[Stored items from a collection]

────────

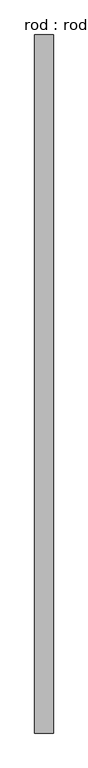
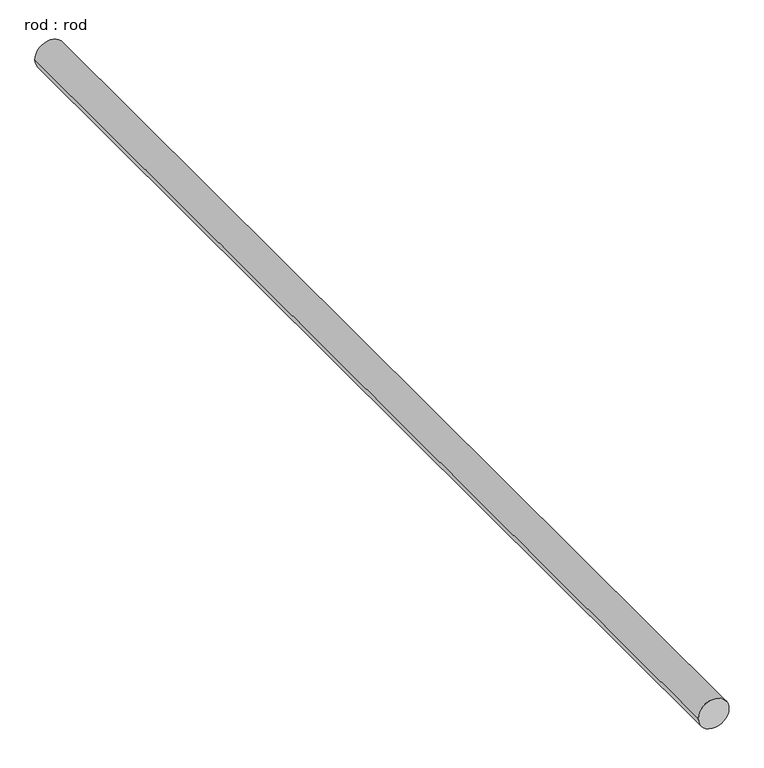
"""IFC4 building model written with IfcOpenShell, lengths in millimetres: proxy geometry, rod : rod."""

from ifc_helpers import new_model, si_unit, point, frame, frame_2d, origin, place, context, project, spatial, circle_curve, trimmed, segment, composite_curve, outline, extrude, source, transform, mapped, element, save


def rod_rod_8b19b318(model_context):
    return source(origin(), model_context, "Body", "SweptSolid", [
        extrude(outline(composite_curve([segment(trimmed(circle_curve(frame_2d((0.0108462, 0.0)), 200.0), [point((0.0108462, 200.0))], [point((0.0108462, -200.0))], False, "CARTESIAN"), True, "CONTINUOUS"), segment(trimmed(circle_curve(frame_2d((0.0108462, 0.0)), 200.0), [point((0.0108462, -200.0))], [point((0.0108462, 200.0))], False, "CARTESIAN"), True, "CONTINUOUS")], self_intersect=False)), frame((0.0, -3402.0733333, 0.0), z_axis=(0.0, 1.0, 0.0), x_axis=(0.0, 0.0, 1.0)), (0.0, 0.0, 1.0), 14989.6038974),
    ])


if __name__ == "__main__":
    model = new_model("IFC4")
    model_context = context("Model", 3, world=origin())
    ifc_project = project(units=[si_unit("LENGTHUNIT", "METRE", prefix="MILLI")], contexts=[model_context])
    site = spatial("IfcSite", under=ifc_project)
    building = spatial("IfcBuilding", under=site)
    placement = place(None, origin())
    rod_rod_shape = rod_rod_8b19b318(model_context)
    element("IfcBuildingElementProxy", 1, Name="rod : rod", ObjectType="rod : rod", at=placement, inside=building, context=model_context, shape_type="MappedRepresentation", body=[
        mapped(rod_rod_shape, transform((0.0, 0.0, 0.0), x_axis=(1.0, 0.0, 0.0), y_axis=(0.0, 1.0, 0.0), z_axis=(0.0, 0.0, 1.0))),
    ])
    save(model, "model.ifc")

# Revit data of these elements
# Type "rod : rod"
#   Default Elevation = 0

────────

> Task item: Skipping the pictures, transcribe each line above exactly as it appears.

> Result for this task:
"""IFC4 building model written with IfcOpenShell, lengths in millimetres: proxy geometry, rod : rod."""

from ifc_helpers import new_model, si_unit, point, frame, frame_2d, origin, place, context, project, spatial, circle_curve, trimmed, segment, composite_curve, outline, extrude, source, transform, mapped, element, save


def rod_rod_8b19b318(model_context):
    return source(origin(), model_context, "Body", "SweptSolid", [
        extrude(outline(composite_curve([segment(trimmed(circle_curve(frame_2d((0.0108462, 0.0)), 200.0), [point((0.0108462, 200.0))], [point((0.0108462, -200.0))], False, "CARTESIAN"), True, "CONTINUOUS"), segment(trimmed(circle_curve(frame_2d((0.0108462, 0.0)), 200.0), [point((0.0108462, -200.0))], [point((0.0108462, 200.0))], False, "CARTESIAN"), True, "CONTINUOUS")], self_intersect=False)), frame((0.0, -3402.0733333, 0.0), z_axis=(0.0, 1.0, 0.0), x_axis=(0.0, 0.0, 1.0)), (0.0, 0.0, 1.0), 14989.6038974),
    ])


if __name__ == "__main__":
    model = new_model("IFC4")
    model_context = context("Model", 3, world=origin())
    ifc_project = project(units=[si_unit("LENGTHUNIT", "METRE", prefix="MILLI")], contexts=[model_context])
    site = spatial("IfcSite", under=ifc_project)
    building = spatial("IfcBuilding", under=site)
    placement = place(None, origin())
    rod_rod_shape = rod_rod_8b19b318(model_context)
    element("IfcBuildingElementProxy", 1, Name="rod : rod", ObjectType="rod : rod", at=placement, inside=building, context=model_context, shape_type="MappedRepresentation", body=[
        mapped(rod_rod_shape, transform((0.0, 0.0, 0.0), x_axis=(1.0, 0.0, 0.0), y_axis=(0.0, 1.0, 0.0), z_axis=(0.0, 0.0, 1.0))),
    ])
    save(model, "model.ifc")

# Revit data of these elements
# Type "rod : rod"
#   Default Elevation = 0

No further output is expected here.